OPINION OF THE COURT
WEIS, Circuit Judge.A jury convicted defendant of conspiracy to distribute heroin and possession of heroin with intent to distribute in violation of 21 U.S.C. §§ 841 and 846. He was sentenced to 78 months imprisonment, five years supervised release, and a fine of $500.
On appeal, defendant contends that the District Court erred in admitting evidence of his personal use of marijuana and questioning him about his brother’s alleged cocaine trafficking. Defendant also contends that his sentence should have been reduced because he was a minor participant in the conspiracy. We will affirm.
In the course of a controlled buy, the defendant delivered a brown bag containing heroin to Kofi Asamoah who sold it to a confidential informant. Asamoah was arrested and agreed to cooperate. He telephoned the defendant and arranged a meeting. When the defendant arrived at the appointed location, he was arrested. After being given Miranda warnings, defendant confessed to the officers that he knew the brown bag he had previously delivered to Asamoah contained 300 grams of heroin.
During the trial, the defendant was questioned on cross-examination about whether Asamoah was the type of person who would smoke pot. After admitting that he was such an individual, the prosecutor asked defendant if he smoked pot. The defendant answered, “No.” Defense counsel objected, and after a sidebar conference, the prosecutor resumed questioning on that topic. Defendant again denied smoking pot with Asamoah and continued that he “would not lie” and that he was a member of the New Hope Baptist Church.
In another instance, the prosecutor questioned the defendant about his brother who lives in Trinidad. The questioning was whether the brother dealt cocaine or other drugs and whether he had ever sent a package of cocaine to Miami. The prosecutor concluded with, “Did you ever tell anyone that your brother ... is a drug dealer?” The defendant denied this series of questions as well. On rebuttal, the defendant’s employer said that the defendant had mentioned that his brother sent drugs to Miami.
During his charge to the jury, the trial judge stated that evidence of the brother’s conduct was only for the limited purpose of determining the defendant’s credibility. Similarly, he charged that the evidence of pot-smoking was for credibility determinations and also for whether the defendant acted knowingly, intentionally, and not because of mistake, accident or some innocent reason. The judge also admonished the jury that it should not consider this evidence as proof that the defendant had a criminal personality or bad character.

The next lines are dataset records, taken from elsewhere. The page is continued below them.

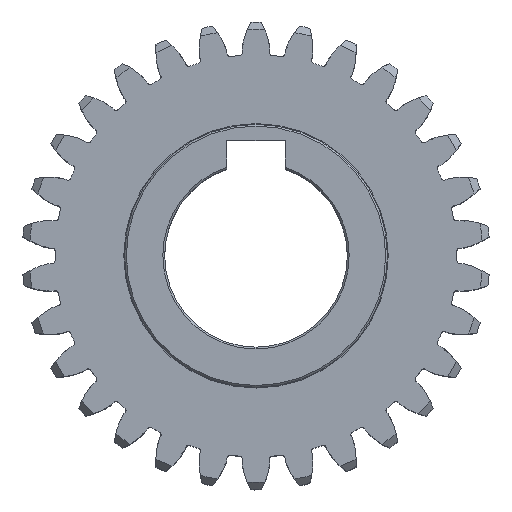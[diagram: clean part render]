
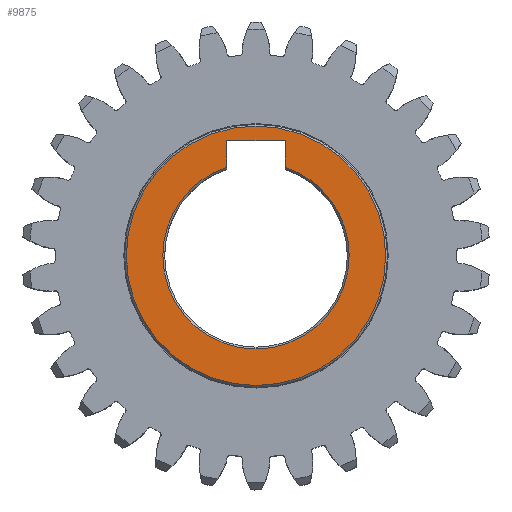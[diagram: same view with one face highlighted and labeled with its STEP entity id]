
A CAD part, top view. The second image highlights one B-rep face of the part: STEP entity #9875.
In plain terms, the highlighted planar face has unit normal (0, 0, 1).
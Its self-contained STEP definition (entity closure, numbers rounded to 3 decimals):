
#205 = VERTEX_POINT ( 'NONE', #1594 ) ;
#277 = AXIS2_PLACEMENT_3D ( 'NONE', #13567, #729, #6614 ) ;
#568 = CARTESIAN_POINT ( 'NONE',  ( 4., 9.2, 15. ) ) ;
#729 = DIRECTION ( 'NONE',  ( 0., 0., -1. ) ) ;
#865 = FACE_OUTER_BOUND ( 'NONE', #16452, .T. ) ;
#1410 = CARTESIAN_POINT ( 'NONE',  ( 12.75, 0., 15. ) ) ;
#1594 = CARTESIAN_POINT ( 'NONE',  ( 4., 12.106, 15. ) ) ;
#1815 = CARTESIAN_POINT ( 'NONE',  ( 0., 0., 15. ) ) ;
#1863 = EDGE_LOOP ( 'NONE', ( #7141, #8015, #3521, #9541, #15247, #16939 ) ) ;
#1932 = CARTESIAN_POINT ( 'NONE',  ( 0., 0., 15. ) ) ;
#2352 = DIRECTION ( 'NONE',  ( 0., 0., 1. ) ) ;
#2355 = DIRECTION ( 'NONE',  ( 0., 1., 0. ) ) ;
#2451 = CARTESIAN_POINT ( 'NONE',  ( -4., 9.2, 15. ) ) ;
#2458 = VECTOR ( 'NONE', #16412, 1000. ) ;
#2605 = CARTESIAN_POINT ( 'NONE',  ( -4., 15.8, 15. ) ) ;
#3521 = ORIENTED_EDGE ( 'NONE', *, *, #8604, .T. ) ;
#3584 = DIRECTION ( 'NONE',  ( 1., 0., 0. ) ) ;
#4006 = CIRCLE ( 'NONE', #17188, 12.75 ) ;
#4506 = AXIS2_PLACEMENT_3D ( 'NONE', #1932, #7642, #17690 ) ;
#4614 = CARTESIAN_POINT ( 'NONE',  ( 0., 0., 15. ) ) ;
#5068 = CIRCLE ( 'NONE', #277, 12.75 ) ;
#5140 = DIRECTION ( 'NONE',  ( 1., 0., 0. ) ) ;
#5152 = LINE ( 'NONE', #568, #2458 ) ;
#5311 = ORIENTED_EDGE ( 'NONE', *, *, #6176, .T. ) ;
#5557 = CARTESIAN_POINT ( 'NONE',  ( 0., 0., 15. ) ) ;
#6176 = EDGE_CURVE ( 'NONE', #12934, #8127, #6397, .T. ) ;
#6183 = ORIENTED_EDGE ( 'NONE', *, *, #11858, .T. ) ;
#6397 = CIRCLE ( 'NONE', #12701, 17.75 ) ;
#6614 = DIRECTION ( 'NONE',  ( 1., 0., 0. ) ) ;
#7062 = VERTEX_POINT ( 'NONE', #17201 ) ;
#7141 = ORIENTED_EDGE ( 'NONE', *, *, #13984, .T. ) ;
#7435 = DIRECTION ( 'NONE',  ( 1., 0., 0. ) ) ;
#7642 = DIRECTION ( 'NONE',  ( 0., 0., -1. ) ) ;
#7799 = DIRECTION ( 'NONE',  ( 0., 0., 1. ) ) ;
#7884 = CARTESIAN_POINT ( 'NONE',  ( 4., 15.8, 15. ) ) ;
#8015 = ORIENTED_EDGE ( 'NONE', *, *, #17141, .T. ) ;
#8109 = VERTEX_POINT ( 'NONE', #1410 ) ;
#8113 = VECTOR ( 'NONE', #3584, 1000. ) ;
#8127 = VERTEX_POINT ( 'NONE', #16979 ) ;
#8241 = CARTESIAN_POINT ( 'NONE',  ( 0., 0., 15. ) ) ;
#8604 = EDGE_CURVE ( 'NONE', #8109, #9948, #12308, .T. ) ;
#8922 = DIRECTION ( 'NONE',  ( 0., 0., -1. ) ) ;
#9495 = FACE_BOUND ( 'NONE', #1863, .T. ) ;
#9541 = ORIENTED_EDGE ( 'NONE', *, *, #18464, .T. ) ;
#9735 = EDGE_CURVE ( 'NONE', #17326, #9762, #13622, .T. ) ;
#9762 = VERTEX_POINT ( 'NONE', #17943 ) ;
#9875 = ADVANCED_FACE ( 'NONE', ( #865, #9495 ), #15210, .T. ) ;
#9948 = VERTEX_POINT ( 'NONE', #12601 ) ;
#10965 = EDGE_CURVE ( 'NONE', #7062, #17326, #18143, .T. ) ;
#11815 = VECTOR ( 'NONE', #2355, 1000. ) ;
#11835 = AXIS2_PLACEMENT_3D ( 'NONE', #8241, #18285, #5140 ) ;
#11858 = EDGE_CURVE ( 'NONE', #8127, #12934, #13019, .T. ) ;
#12308 = CIRCLE ( 'NONE', #4506, 12.75 ) ;
#12601 = CARTESIAN_POINT ( 'NONE',  ( -12.75, 0., 15. ) ) ;
#12701 = AXIS2_PLACEMENT_3D ( 'NONE', #1815, #7799, #7435 ) ;
#12934 = VERTEX_POINT ( 'NONE', #16217 ) ;
#13019 = CIRCLE ( 'NONE', #11835, 17.75 ) ;
#13567 = CARTESIAN_POINT ( 'NONE',  ( 0., 0., 15. ) ) ;
#13622 = LINE ( 'NONE', #7884, #8113 ) ;
#13984 = EDGE_CURVE ( 'NONE', #9762, #205, #5152, .T. ) ;
#14085 = DIRECTION ( 'NONE',  ( 1., 0., 0. ) ) ;
#14639 = DIRECTION ( 'NONE',  ( 1., 0., 0. ) ) ;
#15210 = PLANE ( 'NONE',  #15305 ) ;
#15247 = ORIENTED_EDGE ( 'NONE', *, *, #10965, .T. ) ;
#15305 = AXIS2_PLACEMENT_3D ( 'NONE', #5557, #2352, #14085 ) ;
#16217 = CARTESIAN_POINT ( 'NONE',  ( -17.75, 0., 15. ) ) ;
#16412 = DIRECTION ( 'NONE',  ( 0., -1., 0. ) ) ;
#16452 = EDGE_LOOP ( 'NONE', ( #5311, #6183 ) ) ;
#16939 = ORIENTED_EDGE ( 'NONE', *, *, #9735, .T. ) ;
#16979 = CARTESIAN_POINT ( 'NONE',  ( 17.75, 0., 15. ) ) ;
#17141 = EDGE_CURVE ( 'NONE', #205, #8109, #4006, .T. ) ;
#17188 = AXIS2_PLACEMENT_3D ( 'NONE', #4614, #8922, #14639 ) ;
#17201 = CARTESIAN_POINT ( 'NONE',  ( -4., 12.106, 15. ) ) ;
#17326 = VERTEX_POINT ( 'NONE', #2605 ) ;
#17690 = DIRECTION ( 'NONE',  ( 1., 0., 0. ) ) ;
#17943 = CARTESIAN_POINT ( 'NONE',  ( 4., 15.8, 15. ) ) ;
#18143 = LINE ( 'NONE', #2451, #11815 ) ;
#18285 = DIRECTION ( 'NONE',  ( 0., 0., 1. ) ) ;
#18464 = EDGE_CURVE ( 'NONE', #9948, #7062, #5068, .T. ) ;
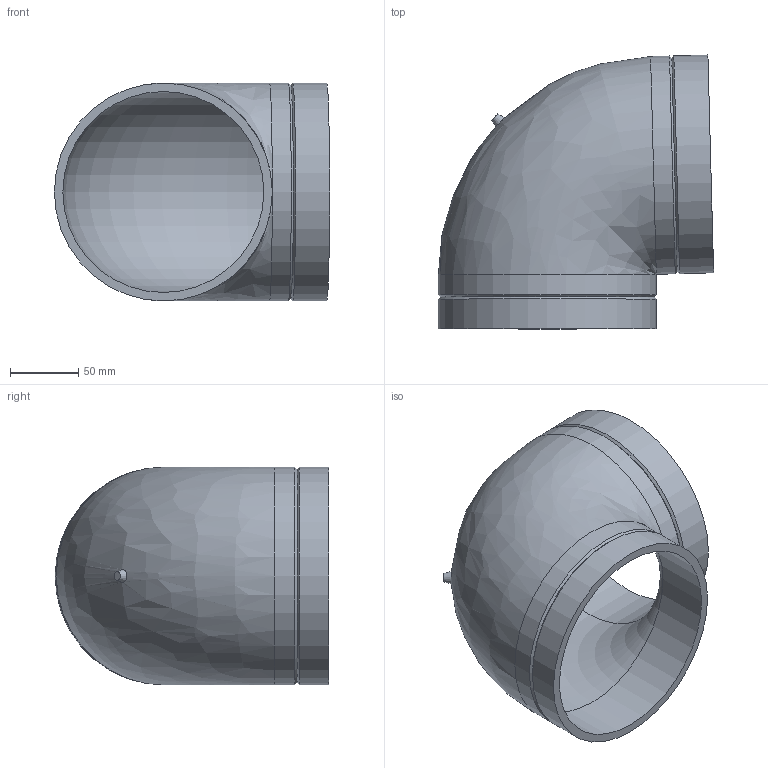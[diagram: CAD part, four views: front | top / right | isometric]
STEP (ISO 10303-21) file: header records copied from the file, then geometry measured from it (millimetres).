
FILE_DESCRIPTION(/* description */ (''),/* implementation_level */ '2;1');
FILE_NAME(/* name */ 'Z:\Geberit\Export\NewStep\369088.stp',/* time_stamp */ '2014-04-02T08:01:48+02:00',/* author */ ('nelson'),/* organization */ (''),/* preprocessor_version */ 'ST-DEVELOPER v15.2',/* originating_system */ 'Autodesk Inventor 2014',/* authorisation */ '');
FILE_SCHEMA (('AUTOMOTIVE_DESIGN { 1 0 10303 214 3 1 1 }'));
Length unit declared in the file: millimetre
Products named in the file (1): 369088
Bounding box: 202.09 x 201.07 x 160 mm (x, y, z)
Volume: 618611.5 mm3; surface area: 206327.5 mm2
Topology: 1 solids, 1 shells, 16 faces, 34 edges, 19 vertices
Faces by surface type: cylinder 6, cone 5, plane 3, torus 1, bspline 1
Full cylindrical faces by diameter (mm): 147.6 x2, 160 x4
Entity records: 459 total; most frequent: CARTESIAN_POINT 169, DIRECTION 62, ORIENTED_EDGE 32, EDGE_LOOP 31, AXIS2_PLACEMENT_3D 31, FACE_BOUND 17, EDGE_CURVE 16, ADVANCED_FACE 16

We review a district court’s ruling on admissibility of evidence on an abuse of discretion standard. See Quinn v. Consol. Freightways Corp. of Delaware, 283 F.3d 572, 576 (3d Cir.2002). The parties have posed the question whether the challenged evidence was governed by Federal Rule of Evidence 404 or 608. See United States v. Davis, 183 F.3d 231, 256-57 (3d Cir.1999) (discussing the interplay between Rule 404 and 608 with respect to evidence of other crimes or wrongs).
We must confess some doubt that the evidence here is properly within the proper scope of either Rule, and may be be*601yond the ruling in United States v. Boone, 279 F.3d 163 (3d Cir.2002). Nevertheless, we find it unproductive to discuss these issues because we are persuaded that the admission of the evidence was harmless error.
In this day and age, the fact that a person smoked marijuana in circumstances as those described in this case is highly unlikely to influence a jury’s verdict. The government’s inquiry into the defendant’s brother’s alleged activities is less defensible. Nevertheless, the admission of this evidence under the limiting instruction given by the trial judge was unlikely to have changed the outcome of the case given the defendant’s confession to the police on two separate occasions some hours apart. However, our ruling in no way should be seen as approval of the overzealous actions of the government’s trial attorney in presenting the questionable testimony here.
We also find no merit to the contention of the District Court’s factual finding that the defendant was not a minor participant.
Accordingly, the judgment of the District Court will be affirmed.